Manly-Krauss is the fictionalized author that’s the main character of the viral blog post Writers You Want to Punch in the Face(book). It’s a great article, hilariously examining the fine line between the necessarily evil of self-promotion and being an insufferable, arrogant tool.

But when I got to this fake FB post by Manly-Krauss, I cringed:

Bench pressed 120 this morning, graded 15 amazing student essays, and came home to an email from my agent: we’ve sold foreign rights to TZP in Estonia! Yessss!

Ugh. Just, UGH. I do not want to be Todd Manly-Krauss, therefore I will not be mentioning Estonia or any other countries that we’ve sold foreign rights to on FB or Twitter (though I may or may not let it slip to a few people who I know still keep in touch with my ex-boyfriends. Obvs.).

So that’s become one of my hard-and-fast rules in these very uncertain times where there are no rules on how to self-promote without being self-aggrandizing or super freaking annoying to your friends, family and Twitter followers.

Here are a few others:

1. Get a separate FB page for your writing stuff. I have a personal page where I post what goes on in my every day life and a writer page for my writing news. That way, people can still be friends with me and not be subject to all my annoying book promotion if they don’t want to be. They will only be subject to annoying pictures of my ridiculously adorable kids at pumpkin patches.

2. Promote other authors. And no, I don’t mean name drop your bestie Stephen King who told you over lunch that you’re the definitive author of your generation. I mean, make book recommendations and commend other writers for publishing novels, writing something spectacular or getting great reviews. Though self-promoting, by definition, is all about you, its nice to take the spotlight out of your ass off of you and balance it with other people’s great news.

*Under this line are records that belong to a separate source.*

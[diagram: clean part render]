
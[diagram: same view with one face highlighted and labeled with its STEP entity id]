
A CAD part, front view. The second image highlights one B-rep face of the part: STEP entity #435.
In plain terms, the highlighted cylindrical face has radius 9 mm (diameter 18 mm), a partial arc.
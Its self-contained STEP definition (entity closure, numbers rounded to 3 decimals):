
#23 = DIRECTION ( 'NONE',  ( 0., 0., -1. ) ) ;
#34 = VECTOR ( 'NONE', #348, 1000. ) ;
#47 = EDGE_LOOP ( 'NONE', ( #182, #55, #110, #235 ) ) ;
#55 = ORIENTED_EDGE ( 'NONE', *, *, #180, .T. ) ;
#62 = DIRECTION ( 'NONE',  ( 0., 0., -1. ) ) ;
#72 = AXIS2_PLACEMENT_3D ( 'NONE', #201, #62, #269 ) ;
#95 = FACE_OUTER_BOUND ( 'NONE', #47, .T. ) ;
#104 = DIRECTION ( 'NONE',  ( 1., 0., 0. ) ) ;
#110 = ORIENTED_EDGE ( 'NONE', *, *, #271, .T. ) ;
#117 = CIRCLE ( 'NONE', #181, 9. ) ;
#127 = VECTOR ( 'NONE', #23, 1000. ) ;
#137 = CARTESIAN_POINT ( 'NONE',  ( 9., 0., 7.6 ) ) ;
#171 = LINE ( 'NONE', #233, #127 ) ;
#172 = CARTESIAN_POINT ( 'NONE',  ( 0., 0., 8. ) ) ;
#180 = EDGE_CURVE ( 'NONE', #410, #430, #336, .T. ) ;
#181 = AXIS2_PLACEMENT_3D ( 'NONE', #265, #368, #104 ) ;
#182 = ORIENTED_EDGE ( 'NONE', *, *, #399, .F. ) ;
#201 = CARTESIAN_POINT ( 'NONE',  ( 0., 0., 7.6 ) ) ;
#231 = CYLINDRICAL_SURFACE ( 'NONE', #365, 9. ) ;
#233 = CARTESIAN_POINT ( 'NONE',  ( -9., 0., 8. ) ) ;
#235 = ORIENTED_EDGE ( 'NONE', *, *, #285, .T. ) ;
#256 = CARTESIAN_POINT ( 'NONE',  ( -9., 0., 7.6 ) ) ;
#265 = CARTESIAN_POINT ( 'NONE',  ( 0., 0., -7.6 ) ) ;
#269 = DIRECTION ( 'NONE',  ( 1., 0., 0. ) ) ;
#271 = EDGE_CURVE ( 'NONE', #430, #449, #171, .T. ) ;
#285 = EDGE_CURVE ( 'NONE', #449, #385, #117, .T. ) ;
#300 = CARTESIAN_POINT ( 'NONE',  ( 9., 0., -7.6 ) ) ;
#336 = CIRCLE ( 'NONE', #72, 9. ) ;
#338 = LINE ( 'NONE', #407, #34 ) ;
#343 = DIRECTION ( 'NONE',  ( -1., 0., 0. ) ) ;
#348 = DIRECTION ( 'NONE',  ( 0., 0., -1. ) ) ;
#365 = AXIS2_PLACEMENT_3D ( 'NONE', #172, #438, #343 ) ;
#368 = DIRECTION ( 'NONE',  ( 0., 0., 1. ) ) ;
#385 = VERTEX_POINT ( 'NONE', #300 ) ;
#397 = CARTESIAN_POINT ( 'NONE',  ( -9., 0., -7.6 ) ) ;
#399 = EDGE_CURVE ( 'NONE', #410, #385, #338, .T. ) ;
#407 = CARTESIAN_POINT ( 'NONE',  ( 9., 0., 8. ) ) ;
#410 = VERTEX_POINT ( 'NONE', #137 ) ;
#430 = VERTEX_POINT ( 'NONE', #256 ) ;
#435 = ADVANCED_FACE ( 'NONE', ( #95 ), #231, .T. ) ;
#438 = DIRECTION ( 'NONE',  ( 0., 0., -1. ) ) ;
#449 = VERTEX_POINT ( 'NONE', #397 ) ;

3. Look up … from all your navel-gazing (wait, is that part of a Krystal’s hamburger stuck in my belly-button?) and at the FB pages and Twitter posts of your favorite authors. Many NY Times Best Selling authors have become social media gurus (see: Jodi Picoult and John Green). They really know how to build, maintain and connect with their fan base on social media. The good news? You can learn from them by observing. The bad news? This self-promotion shit doesn’t end, even when you’ve hit the big time. Like selling foreign rights in Estonia.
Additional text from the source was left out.